Figure 1: Treatment with hydrocortisone reduces gain in body weight. Adult male rats received for the indicated number of days once-daily subcutaneous injections of hydrocortisone (100 µg/g of body weight). Control animals received saline only. Body weights were recorded at regular intervals and are expressed as a percentage of pretreatment (day 0) body weight. Values represent the mean ± S.D. of 4 animals/group.




Figure 2: Treatment with hydrocortisone reduces food intake. Adult male rats (n = 4/group) were treated as described under Fig. 1. Total food consumption of each treatment group was measured at regular intervals and is expressed as a percentage of the food intake of a group of sham-treated controls.



Since the ob gene product has been suggested to be a factor modulating food intake and energy utilization, the regulation of adipose tissue ob mRNA expression by hydrocortisone was determined next. Treatment with hydrocortisone increased ob mRNA levels more than 2-fold, an effect that was already maximal after 2 days (Fig. 3). ob mRNA levels remained elevated throughout the entire treatment period. This induction was specific, since -actin mRNA levels remained constant throughout the entire treatment period (Fig. 3).


Figure 3: Kinetics of induction of adipose tissue ob mRNA by hydrocortisone. Adult male rats (n = 4/group) were treated as described under Fig. 1. Adipose tissue was isolated, RNA was extracted, and ob and -actin mRNA levels were measured as described under ``Materials and Methods.'' Values represent the mean ± S.D. of 4 animals and are expressed in relative absorbance units (R.A.U.) taking the pretreatment values as 100%. Statistically (analysis of variance, p < 0.05) significant differences are observed between values followed by different letters (-actin, not significant).



Corticosteroids are known to exert dual metabolic actions, reflected by a bitonic dose-response curve for body weight gain(9) . In order to evaluate the dose-dependent effects of hydrocortisone on body weight and ob gene expression adult rats were treated once daily during 20 days with three different doses of hydrocortisone (1, 10, or 100 µg/g of body weight), respectively, corresponding to doses at the top, the middle, and the bottom of the descending arm of the body weight gain-corticosteroid dose-response curve(9) . Treatment of adult rats for 20 days with different doses of hydrocortisone resulted in a dose-dependent reduction in body weight gain (Fig. 4A), which was accompanied by a dose-dependent induction of ob mRNA levels in adipose tissue (Fig. 4B).

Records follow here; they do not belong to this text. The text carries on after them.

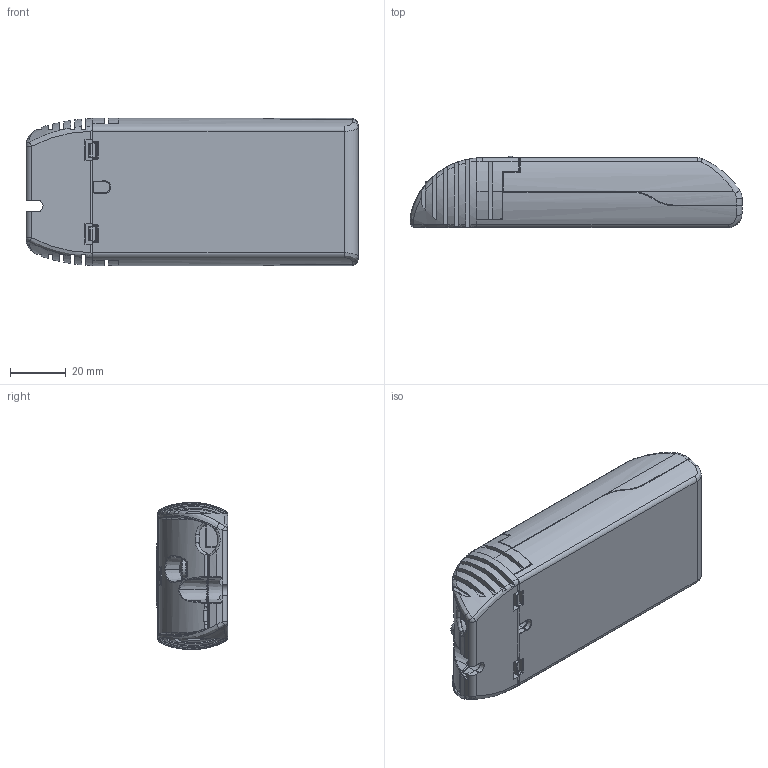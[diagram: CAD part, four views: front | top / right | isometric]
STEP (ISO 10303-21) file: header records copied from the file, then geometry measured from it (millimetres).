
FILE_DESCRIPTION (( 'STEP AP214' ), '1' );
FILE_NAME ('OTe-10-13-KitAssembly_CADexport.STEP', '2013-09-06T06:50:55', ( '' ), ( '' ), 'SwSTEP 2.0', 'SolidWorks 2012', '' );
FILE_SCHEMA (( 'AUTOMOTIVE_DESIGN' ));
Length unit declared in the file: millimetre
Products named in the file (1): OTe-10-13-KitAssembly_CADexport
Bounding box: 119 x 25.57 x 52.8 mm (x, y, z)
Volume: 117799.1 mm3; surface area: 36475.8 mm2
Topology: 6 solids, 14 shells, 2065 faces, 5353 edges, 3300 vertices
Faces by surface type: plane 821, cylinder 512, bspline 454, cone 102, sphere 90, torus 86
Entity records: 105024 total; most frequent: CARTESIAN_POINT 37015, ORIENTED_EDGE 10526, DIRECTION 7894, EDGE_CURVE 5263, VERTEX_POINT 3286, AXIS2_PLACEMENT_3D 2651, LINE 2592, VECTOR 2592
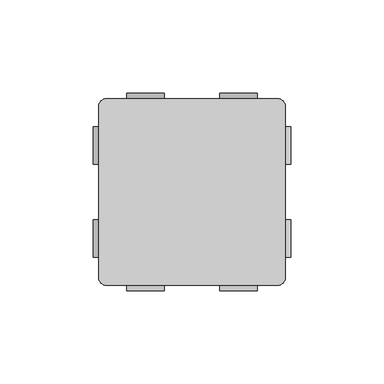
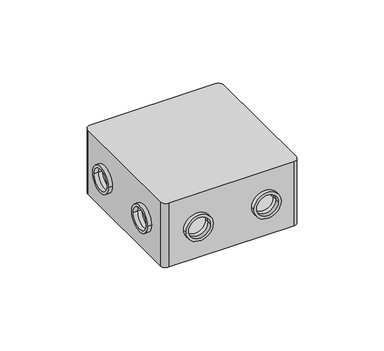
"""IFC4 building model written with IfcOpenShell, lengths in millimetres: proxy geometry, 20308_ジョイントボックス_強電用 : 照明設備."""

from ifc_helpers import new_model, si_unit, point, frame, frame_2d, origin, place, context, project, spatial, polyline, circle_curve, trimmed, segment, composite_curve, outline, extrude, source, transform, mapped, element, save
from ifc_brep_helpers import plane_surface, cylinder_surface, revolved_surface, advanced_brep


def electrical_fixtures_9a8084c4(model_context):
    return source(origin(), model_context, "Body", "SolidModel", [
        extrude(outline(composite_curve([segment(trimmed(circle_curve(frame_2d((25.0, 25.0)), 10.0), [point((15.0, 25.0))], [point((35.0, 25.0))], False, "CARTESIAN"), True, "CONTINUOUS"), segment(trimmed(circle_curve(frame_2d((25.0, 25.0)), 10.0), [point((35.0, 25.0))], [point((15.0, 25.0))], False, "CARTESIAN"), True, "CONTINUOUS")], self_intersect=False), holes=[composite_curve([segment(trimmed(circle_curve(frame_2d((25.0, 25.0)), 8.0), [point((17.0, 25.0))], [point((33.0, 25.0))], True, "CARTESIAN"), True, "CONTINUOUS"), segment(trimmed(circle_curve(frame_2d((25.0, 25.0)), 8.0), [point((33.0, 25.0))], [point((17.0, 25.0))], True, "CARTESIAN"), True, "CONTINUOUS")], self_intersect=False)]), frame((-53.0, 0.0, 0.0), z_axis=(1.0, 0.0, 0.0), x_axis=(0.0, 1.0, 0.0)), (0.0, 0.0, 1.0), 3.0),
        extrude(outline(composite_curve([segment(trimmed(circle_curve(frame_2d((-25.0, 25.0)), 10.0), [point((-35.0, 25.0))], [point((-15.0, 25.0))], False, "CARTESIAN"), True, "CONTINUOUS"), segment(trimmed(circle_curve(frame_2d((-25.0, 25.0)), 10.0), [point((-15.0, 25.0))], [point((-35.0, 25.0))], False, "CARTESIAN"), True, "CONTINUOUS")], self_intersect=False), holes=[composite_curve([segment(trimmed(circle_curve(frame_2d((-25.0, 25.0)), 8.0), [point((-33.0, 25.0))], [point((-17.0, 25.0))], True, "CARTESIAN"), True, "CONTINUOUS"), segment(trimmed(circle_curve(frame_2d((-25.0, 25.0)), 8.0), [point((-17.0, 25.0))], [point((-33.0, 25.0))], True, "CARTESIAN"), True, "CONTINUOUS")], self_intersect=False)]), frame((-53.0, 0.0, 0.0), z_axis=(1.0, 0.0, 0.0), x_axis=(0.0, 1.0, 0.0)), (0.0, 0.0, 1.0), 3.0),
        extrude(outline(composite_curve([segment(trimmed(circle_curve(frame_2d((25.0, 25.0)), 10.0), [point((15.0, 25.0))], [point((35.0, 25.0))], False, "CARTESIAN"), True, "CONTINUOUS"), segment(trimmed(circle_curve(frame_2d((25.0, 25.0)), 10.0), [point((35.0, 25.0))], [point((15.0, 25.0))], False, "CARTESIAN"), True, "CONTINUOUS")], self_intersect=False), holes=[composite_curve([segment(trimmed(circle_curve(frame_2d((25.0, 25.0)), 8.0), [point((17.0, 25.0))], [point((33.0, 25.0))], True, "CARTESIAN"), True, "CONTINUOUS"), segment(trimmed(circle_curve(frame_2d((25.0, 25.0)), 8.0), [point((33.0, 25.0))], [point((17.0, 25.0))], True, "CARTESIAN"), True, "CONTINUOUS")], self_intersect=False)]), frame((50.0, 0.0, 0.0), z_axis=(1.0, 0.0, 0.0), x_axis=(0.0, 1.0, 0.0)), (0.0, 0.0, 1.0), 3.0),
        extrude(outline(composite_curve([segment(trimmed(circle_curve(frame_2d((-25.0, 25.0)), 10.0), [point((-35.0, 25.0))], [point((-15.0, 25.0))], False, "CARTESIAN"), True, "CONTINUOUS"), segment(trimmed(circle_curve(frame_2d((-25.0, 25.0)), 10.0), [point((-15.0, 25.0))], [point((-35.0, 25.0))], False, "CARTESIAN"), True, "CONTINUOUS")], self_intersect=False), holes=[composite_curve([segment(trimmed(circle_curve(frame_2d((-25.0, 25.0)), 8.0), [point((-33.0, 25.0))], [point((-17.0, 25.0))], True, "CARTESIAN"), True, "CONTINUOUS"), segment(trimmed(circle_curve(frame_2d((-25.0, 25.0)), 8.0), [point((-17.0, 25.0))], [point((-33.0, 25.0))], True, "CARTESIAN"), True, "CONTINUOUS")], self_intersect=False)]), frame((50.0, 0.0, 0.0), z_axis=(1.0, 0.0, 0.0), x_axis=(0.0, 1.0, 0.0)), (0.0, 0.0, 1.0), 3.0),
        extrude(outline(composite_curve([segment(trimmed(circle_curve(frame_2d((25.0, -25.0)), 10.0), [point((25.0, -15.0))], [point((25.0, -35.0))], False, "CARTESIAN"), True, "CONTINUOUS"), segment(trimmed(circle_curve(frame_2d((25.0, -25.0)), 10.0), [point((25.0, -35.0))], [point((25.0, -15.0))], False, "CARTESIAN"), True, "CONTINUOUS")], self_intersect=False), holes=[composite_curve([segment(trimmed(circle_curve(frame_2d((25.0, -25.0)), 8.0), [point((25.0, -17.0))], [point((25.0, -33.0))], True, "CARTESIAN"), True, "CONTINUOUS"), segment(trimmed(circle_curve(frame_2d((25.0, -25.0)), 8.0), [point((25.0, -33.0))], [point((25.0, -17.0))], True, "CARTESIAN"), True, "CONTINUOUS")], self_intersect=False)]), frame((0.0, 50.0, 0.0), z_axis=(0.0, 1.0, 0.0), x_axis=(0.0, 0.0, 1.0)), (0.0, 0.0, 1.0), 3.0),
        extrude(outline(composite_curve([segment(trimmed(circle_curve(frame_2d((25.0, 25.0)), 10.0), [point((25.0, 15.0))], [point((25.0, 35.0))], False, "CARTESIAN"), True, "CONTINUOUS"), segment(trimmed(circle_curve(frame_2d((25.0, 25.0)), 10.0), [point((25.0, 35.0))], [point((25.0, 15.0))], False, "CARTESIAN"), True, "CONTINUOUS")], self_intersect=False), holes=[composite_curve([segment(trimmed(circle_curve(frame_2d((25.0, 25.0)), 8.0), [point((25.0, 17.0))], [point((25.0, 33.0))], True, "CARTESIAN"), True, "CONTINUOUS"), segment(trimmed(circle_curve(frame_2d((25.0, 25.0)), 8.0), [point((25.0, 33.0))], [point((25.0, 17.0))], True, "CARTESIAN"), True, "CONTINUOUS")], self_intersect=False)]), frame((0.0, 50.0, 0.0), z_axis=(0.0, 1.0, 0.0), x_axis=(0.0, 0.0, 1.0)), (0.0, 0.0, 1.0), 3.0),
        extrude(outline(composite_curve([segment(trimmed(circle_curve(frame_2d((25.0, -25.0)), 10.0), [point((25.0, -15.0))], [point((25.0, -35.0))], False, "CARTESIAN"), True, "CONTINUOUS"), segment(trimmed(circle_curve(frame_2d((25.0, -25.0)), 10.0), [point((25.0, -35.0))], [point((25.0, -15.0))], False, "CARTESIAN"), True, "CONTINUOUS")], self_intersect=False), holes=[composite_curve([segment(trimmed(circle_curve(frame_2d((25.0, -25.0)), 8.0), [point((25.0, -17.0))], [point((25.0, -33.0))], True, "CARTESIAN"), True, "CONTINUOUS"), segment(trimmed(circle_curve(frame_2d((25.0, -25.0)), 8.0), [point((25.0, -33.0))], [point((25.0, -17.0))], True, "CARTESIAN"), True, "CONTINUOUS")], self_intersect=False)]), frame((0.0, -53.0, 0.0), z_axis=(0.0, 1.0, 0.0), x_axis=(0.0, 0.0, 1.0)), (0.0, 0.0, 1.0), 3.0),
        extrude(outline(composite_curve([segment(trimmed(circle_curve(frame_2d((25.0, 25.0)), 10.0), [point((25.0, 15.0))], [point((25.0, 35.0))], False, "CARTESIAN"), True, "CONTINUOUS"), segment(trimmed(circle_curve(frame_2d((25.0, 25.0)), 10.0), [point((25.0, 35.0))], [point((25.0, 15.0))], False, "CARTESIAN"), True, "CONTINUOUS")], self_intersect=False), holes=[composite_curve([segment(trimmed(circle_curve(frame_2d((25.0, 25.0)), 8.0), [point((25.0, 17.0))], [point((25.0, 33.0))], True, "CARTESIAN"), True, "CONTINUOUS"), segment(trimmed(circle_curve(frame_2d((25.0, 25.0)), 8.0), [point((25.0, 33.0))], [point((25.0, 17.0))], True, "CARTESIAN"), True, "CONTINUOUS")], self_intersect=False)]), frame((0.0, -53.0, 0.0), z_axis=(0.0, 1.0, 0.0), x_axis=(0.0, 0.0, 1.0)), (0.0, 0.0, 1.0), 3.0),
        advanced_brep(
        [(40.0, -36.9820829, 1.0), (40.0, -43.0179171, 1.0), (40.0, -36.9820829, 0.0), (40.0, -43.0179171, 0.0), (40.5, -37.6708132, 0.0), (39.5, -37.6708132, 0.0), (39.5, -38.7, 0.0), (38.7, -39.5, 0.0), (37.6708132, -39.5, 0.0), (37.6708132, -40.5, 0.0), (38.7035028, -40.5, 0.0), (39.5, -41.2964972, 0.0), (39.5, -42.3291868, 0.0), (40.5, -42.3291868, 0.0), (40.5, -41.2574077, 0.0), (41.2574077, -40.5, 0.0), (42.3291868, -40.5, 0.0), (42.3291868, -39.5, 0.0), (41.3144051, -39.5, 0.0), (40.5, -38.6855949, 0.0), (40.5, -37.6708132, 0.2), (40.5, -38.6855949, 0.2), (41.3144051, -39.5, 0.2), (42.3291868, -39.5, 0.2), (42.3291868, -40.5, 0.2), (41.2574077, -40.5, 0.2), (40.5, -41.2574077, 0.2), (40.5, -42.3291868, 0.2), (39.5, -42.3291868, 0.2), (39.5, -41.2964972, 0.2), (38.7035028, -40.5, 0.2), (37.6708132, -40.5, 0.2), (37.6708132, -39.5, 0.2), (38.7, -39.5, 0.2), (39.5, -38.7, 0.2), (39.5, -37.6708132, 0.2)],
        [
            (0, 1, circle_curve(frame((40.0, -40.0, 1.0), z_axis=(0.0, 0.0, 1.0), x_axis=(0.0, -1.0, 0.0)), 3.0179171)),
            (1, 0, circle_curve(frame((40.0, -40.0, 1.0), z_axis=(0.0, 0.0, 1.0), x_axis=(0.0, -1.0, 0.0)), 3.0179171)),
            (2, 3, circle_curve(frame((40.0, -40.0, 0.0), z_axis=(0.0, 0.0, -1.0), x_axis=(0.0, -1.0, 0.0)), 3.0179171)),
            (3, 2, circle_curve(frame((40.0, -40.0, 0.0), z_axis=(0.0, 0.0, -1.0), x_axis=(0.0, -1.0, 0.0)), 3.0179171)),
            (4, 5),
            (5, 6),
            (6, 7, circle_curve(frame((38.7, -38.7, 0.0), z_axis=(0.0, 0.0, -1.0), x_axis=(1.0, 0.0, 0.0)), 0.8)),
            (7, 8),
            (8, 9),
            (9, 10),
            (10, 11, circle_curve(frame((38.7035028, -41.2964972, 0.0), z_axis=(0.0, 0.0, -1.0), x_axis=(1.0, 0.0, 0.0)), 0.7964972)),
            (11, 12),
            (12, 13),
            (13, 14),
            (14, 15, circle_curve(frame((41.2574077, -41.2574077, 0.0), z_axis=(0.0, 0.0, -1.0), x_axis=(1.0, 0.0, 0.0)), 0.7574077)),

Figure 4: Dose-dependent effects of hydrocortisone on body weight gain (A) and adipose tissue ob mRNA levels (B). Adult male rats (n = 4 animals/group) received during 20 days once-daily subcutaneous injections of hydrocortisone at the indicated doses. Control animals received saline only. PanelA, body weights were recorded at the beginning and end of the experiment and are expressed as a percentage of pretreatment (day 0) body weight. PanelB, at the end of the experiment adipose tissue was isolated, RNA extracted, and ob and -actin mRNA levels measured as described under ``Materials and Methods.'' Values are expressed in relative absorbance units (R.A.U.) taking the controls as 100%. Values represent the mean ± S.D. Statistically (analysis of variance, p < 0.05) significant differences are observed between values followed by different letters (-actin, not significant).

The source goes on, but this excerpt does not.